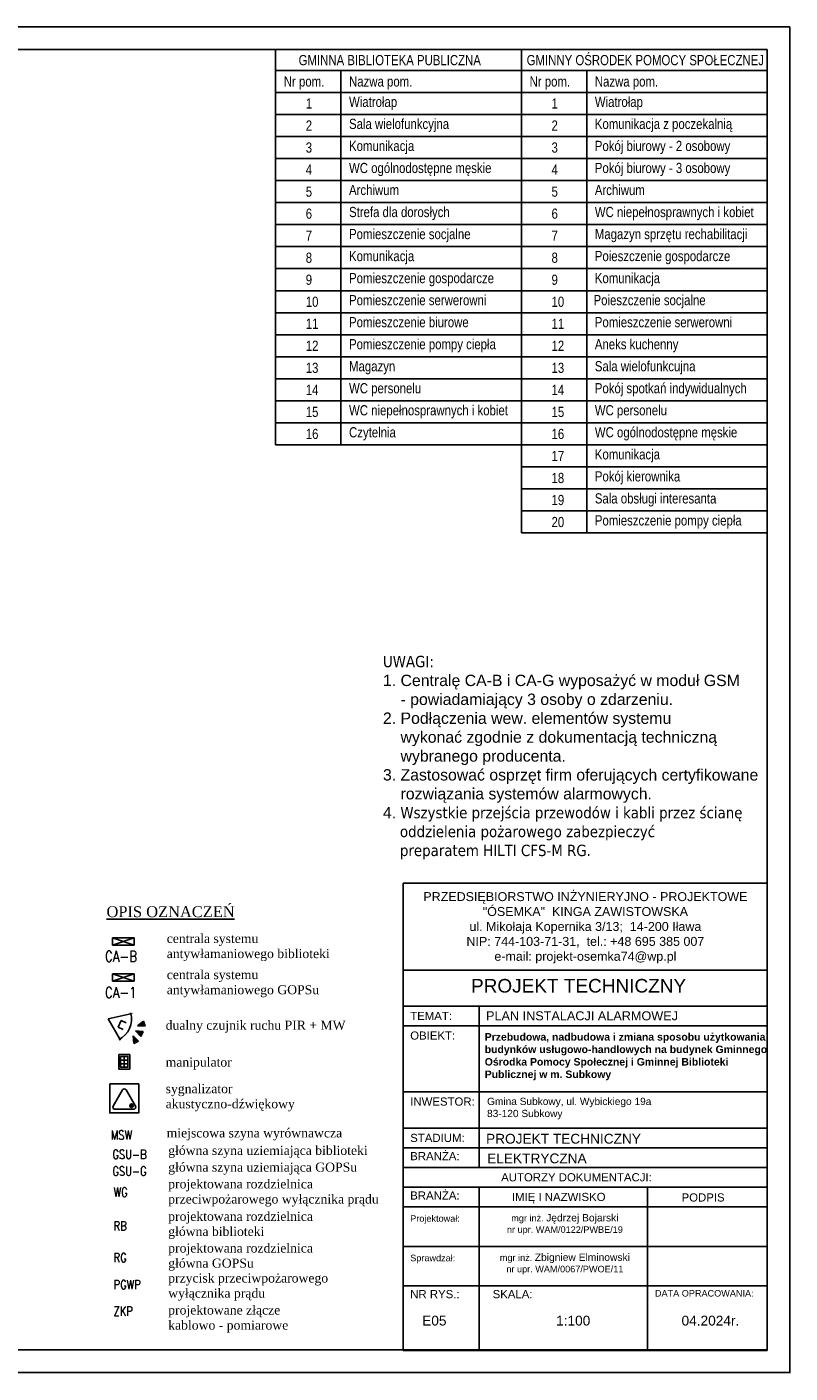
# Model space of a CAD drawing. Header units: inches. Extents: x 6268 to 12323, y 5221 to 42059.
# Tile 67 of 98: x 10484 to 12169, y 26728 to 29698. Entities that reach past the tile are written whole.
import ezdxf
from ezdxf.enums import TextEntityAlignment as Align

# ---------------------------------------------------------------- set-up
doc = ezdxf.new("R2010")
doc.units = ezdxf.units.IN
doc.header["$MEASUREMENT"] = 0
doc.layers.add('CP_LINENORM', color=253, linetype='Continuous')
doc.styles.add('Cienka', font='romans.shx')
doc.styles.add('CP_ATTR', font='romans.shx')
doc.styles.get("Standard").update_dxf_attribs({"font": 'txt.shx'})

# ---------------------------------------------------------------- blocks, each defined once
blk = doc.blocks.new('CPEL_3319')
for points in [[(1.846, 0.678), (1.64, 0.304), (2.041, 0.451)], [(2.051, 0.145), (1.65, -0.002), (2.049, -0.155)], [(1.846, -0.678), (1.64, -0.304), (2.041, -0.451)]]:
    blk.add_hatch(color=256).paths.add_polyline_path(points)
for p, q in [((0, 0), (1.1, 0.8)), ((0, 0), (1.1, -0.8)), ((1, 0.2), (0.7, 0.2)), ((0.7, 0.2), (0.7, -0.2)), ((1.64, 0.304), (1.846, 0.678)), ((2.041, 0.451), (1.64, 0.304)), ((1.65, -0.002), (2.051, 0.145)), ((1.846, 0.678), (2.041, 0.451)), ((2.051, 0.145), (2.049, -0.155)), ((0.7, -0.2), (1, -0.2)), ((2.041, -0.451), (1.64, -0.304)), ((1.64, -0.304), (1.846, -0.678)), ((2.049, -0.155), (1.65, -0.002)), ((1.846, -0.678), (2.041, -0.451))]:
    blk.add_line(p, q)
blk.add_arc((0.083, 0), 1.217, 318.88791, 41.11209)
at = {"linetype": 'ByBlock', "style": 'CP_ATTR', "flags": 9}
for tag, p in [('NAME', (-0.092, -0.018)), ('GROUP', (-0.092, -0.018)), ('NUMBER', (-0.092, -0.018)), ('PRODUCER', (-0.092, -0.018)), ('ARTICLE', (-0.092, -0.018)), ('CHARACTER', (-0.092, -0.018)), ('VOLTAGE', (-0.092, -0.019)), ('WEIGHT', (-0.092, -0.018)), ('OTHER', (-0.092, -0.018)), ('PRODUCT-TYPE', (-0.092, -0.019)), ('ORDER-NO', (-0.092, -0.019)), ('POWER', (-0.092, -0.019))]:
    blk.add_attdef(tag, text='', height=0.00005, dxfattribs=at).set_placement(p, align=Align.MIDDLE_LEFT)
blk = doc.blocks.new('CPEL_3501')
for points in [[(-0.3, 0), (0, 0), (0, -0.4), (-0.3, -0.4)], [(-0.25, -0.05), (-0.05, -0.05), (-0.05, -0.35), (-0.25, -0.35)], [(-0.25, -0.15), (-0.05, -0.15), (-0.05, -0.15), (-0.25, -0.15)], [(-0.25, -0.25), (-0.05, -0.25), (-0.05, -0.25), (-0.25, -0.25)], [(-0.15, -0.05), (-0.15, -0.05), (-0.15, -0.35), (-0.15, -0.35)]]:
    blk.add_lwpolyline(points, close=True)
at = {"linetype": 'ByBlock', "style": 'CP_ATTR', "flags": 9}
for tag, p in [('NAME', (-0.092, -0.018)), ('GROUP', (-0.092, -0.018)), ('NUMBER', (-0.092, -0.018)), ('PRODUCER', (-0.092, -0.018)), ('ARTICLE', (-0.092, -0.018)), ('CHARACTER', (-0.092, -0.018)), ('VOLTAGE', (-0.092, -0.019)), ('WEIGHT', (-0.092, -0.018)), ('OTHER', (-0.092, -0.018)), ('PRODUCT-TYPE', (-0.092, -0.019)), ('ORDER-NO', (-0.092, -0.019)), ('POWER', (-0.092, -0.019))]:
    blk.add_attdef(tag, text='', height=0.00005, dxfattribs=at).set_placement(p, align=Align.MIDDLE_LEFT)
blk = doc.blocks.new('CPEL_3285')
for p, q in [((0.165, -0.165), (0.235, -0.235)), ((0.235, -0.165), (0.165, -0.235))]:
    blk.add_line(p, q)
blk.add_lwpolyline([(-0.4, 0.4), (0.4, 0.4), (0.4, -0.4), (-0.4, -0.4)], close=True)
blk.add_lwpolyline([(-0.256, -0.3), (0.256, -0.3, 0.57735), (0.308, -0.21), (0.052, 0.234, 0.57735), (-0.052, 0.234), (-0.308, -0.21, 0.57735)], format="xyb", close=True)
blk.add_circle((0.2, -0.2), 0.05)
at = {"linetype": 'ByBlock', "style": 'CP_ATTR', "flags": 9}
for tag, p in [('NAME', (-0.092, -0.018)), ('GROUP', (-0.092, -0.018)), ('NUMBER', (-0.092, -0.018)), ('PRODUCER', (-0.092, -0.018)), ('ARTICLE', (-0.092, -0.018)), ('CHARACTER', (-0.092, -0.018)), ('VOLTAGE', (-0.092, -0.019)), ('WEIGHT', (-0.092, -0.018)), ('OTHER', (-0.092, -0.018)), ('PRODUCT-TYPE', (-0.092, -0.019)), ('ORDER-NO', (-0.092, -0.019)), ('POWER', (-0.092, -0.019))]:
    blk.add_attdef(tag, text='', height=0.00005, dxfattribs=at).set_placement(p, align=Align.MIDDLE_LEFT)
blk = doc.blocks.new('cp_num_el')
at = {"linetype": 'ByBlock', "style": 'CP_ATTR', "width": 0.8, "flags": 12}
blk.add_attdef('VAL', (0, 0), '', height=1, dxfattribs=at)

msp = doc.modelspace()

# ---------------------------------------------------------------- linework, layer by layer
at = {"linetype": 'Continuous'}
for p, q in [((6468.073, 29648.31), (12118.073, 29648.31)), ((12118.073, 26778.31), (12118.073, 29648.31)), ((6468.073, 26779.31), (12118.073, 26779.31))]:
    msp.add_line(p, q, dxfattribs=at)
for p, q in [((11032.77, 29648.31), (11575.422, 29648.31)), ((11032.77, 29648.31), (11575.422, 29648.31)), ((11032.77, 28776.21), (11032.77, 29648.31)), ((11575.422, 29648.31), (12118.073, 29648.31)), ((11575.422, 28581.81), (11575.422, 29648.31)), ((11575.422, 29648.31), (12118.073, 29648.31)), ((11575.422, 29648.31), (12118.073, 29648.31)), ((12118.073, 28581.81), (12118.073, 29648.31)), ((11032.77, 29602.41), (11575.422, 29602.41)), ((11032.77, 29602.41), (11575.422, 29602.41)), ((11176.77, 28776.21), (11176.77, 29602.41)), ((11575.422, 29602.41), (12118.073, 29602.41)), ((11575.422, 29602.41), (12118.073, 29602.41)), ((11719.422, 28581.81), (11719.422, 29602.41)), ((11032.77, 29553.81), (11575.422, 29553.81)), ((11032.77, 29553.81), (11575.422, 29553.81)), ((11575.422, 29553.81), (12118.073, 29553.81)), ((11575.422, 29553.81), (12118.073, 29553.81)), ((11032.77, 29505.21), (11575.422, 29505.21)), ((11575.422, 29505.21), (12118.073, 29505.21)), ((11032.77, 29456.61), (11575.422, 29456.61)), ((11575.422, 29456.61), (12118.073, 29456.61)), ((11032.77, 29408.01), (11575.422, 29408.01)), ((11575.422, 29408.01), (12118.073, 29408.01)), ((11032.77, 29359.41), (11575.422, 29359.41)), ((11575.422, 29359.41), (12118.073, 29359.41)), ((11032.77, 29310.81), (11575.422, 29310.81)), ((11575.422, 29310.81), (12118.073, 29310.81)), ((11032.77, 29262.21), (11575.422, 29262.21)), ((11575.422, 29262.21), (12118.073, 29262.21)), ((11032.77, 29213.61), (11575.422, 29213.61)), ((11575.422, 29213.61), (12118.073, 29213.61)), ((11032.77, 29165.01), (11575.422, 29165.01)), ((11575.422, 29165.01), (12118.073, 29165.01)), ((11032.77, 29116.41), (11575.422, 29116.41)), ((11575.422, 29116.41), (12118.073, 29116.41)), ((11032.77, 29067.81), (11575.422, 29067.81)), ((11575.422, 29067.81), (12118.073, 29067.81)), ((11032.77, 29019.21), (11575.422, 29019.21)), ((11575.422, 29019.21), (12118.073, 29019.21)), ((11032.77, 28970.61), (11575.422, 28970.61)), ((11575.422, 28970.61), (12118.073, 28970.61)), ((11032.77, 28922.01), (11575.422, 28922.01)), ((11575.422, 28922.01), (12118.073, 28922.01)), ((11032.77, 28873.41), (11575.422, 28873.41)), ((11575.422, 28873.41), (12118.073, 28873.41)), ((11032.77, 28824.81), (11575.422, 28824.81)), ((11575.422, 28824.81), (12118.073, 28824.81)), ((11032.77, 28776.21), (11575.422, 28776.21)), ((11575.422, 28776.21), (12118.073, 28776.21)), ((11575.422, 28727.61), (12118.073, 28727.61)), ((11575.422, 28679.01), (12118.073, 28679.01)), ((11575.422, 28630.41), (12118.073, 28630.41)), ((11575.422, 28581.81), (12118.073, 28581.81)), ((11314.606, 27809.195), (12118.073, 27809.195)), ((11314.606, 26920.795), (11314.606, 27809.195)), ((12118.073, 26778.31), (12118.073, 27809.195)), ((10720.409, 27688.556, 10333.695), (10672.409, 27672.556, 10333.695)), ((10672.409, 27688.556, 10333.695), (10720.409, 27672.556, 10333.695)), ((10720.409, 27688.556, 10333.695), (10672.409, 27688.556, 10333.695)), ((10672.409, 27688.556, 10333.695), (10672.409, 27672.556, 10333.695)), ((10720.409, 27672.556, 10333.695), (10720.409, 27688.556, 10333.695)), ((10672.409, 27672.556, 10333.695), (10720.409, 27672.556, 10333.695)), ((10720.409, 27608.804, 10333.695), (10672.409, 27592.804, 10333.695)), ((10672.409, 27608.804, 10333.695), (10720.409, 27592.804, 10333.695)), ((10720.409, 27608.804, 10333.695), (10672.409, 27608.804, 10333.695)), ((10672.409, 27608.804, 10333.695), (10672.409, 27592.804, 10333.695)), ((10672.409, 27592.804, 10333.695), (10720.409, 27592.804, 10333.695)), ((10720.409, 27592.804, 10333.695), (10720.409, 27608.804, 10333.695)), ((11314.606, 27617.157), (12118.073, 27617.157)), ((11314.606, 27538.182), (12118.073, 27538.182)), ((11482.209, 27181.816), (11482.209, 27538.182)), ((11314.606, 27494.745), (12118.073, 27494.745)), ((11314.606, 27349.16), (12118.073, 27349.16)), ((11314.606, 27268.688), (12118.073, 27268.688)), ((11314.606, 27225.252), (12118.073, 27225.252)), ((11314.606, 27181.816), (12118.073, 27181.816)), ((11314.606, 27138.38), (12118.073, 27138.38)), ((11482.209, 26920.795), (11482.209, 27138.38)), ((11853.681, 26920.795), (11853.681, 27138.38)), ((11314.606, 27094.943), (12118.073, 27094.943)), ((11314.606, 27007.869), (12118.073, 27007.869)), ((11314.606, 26778.31), (11314.606, 26920.795)), ((11314.606, 26920.795), (12118.073, 26920.795)), ((11314.606, 26920.795), (12118.073, 26920.795)), ((11482.209, 26778.31), (11482.209, 26920.795)), ((11853.681, 26778.31), (11853.681, 26920.795)), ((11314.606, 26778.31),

PROBLEM TO WORK ON: Report every line in the data that holds "Continuous", copying each one.

RESPONSE TO THIS EXERCISE:
doc.layers.add('CP_LINENORM', color=253, linetype='Continuous')
at = {"linetype": 'Continuous'}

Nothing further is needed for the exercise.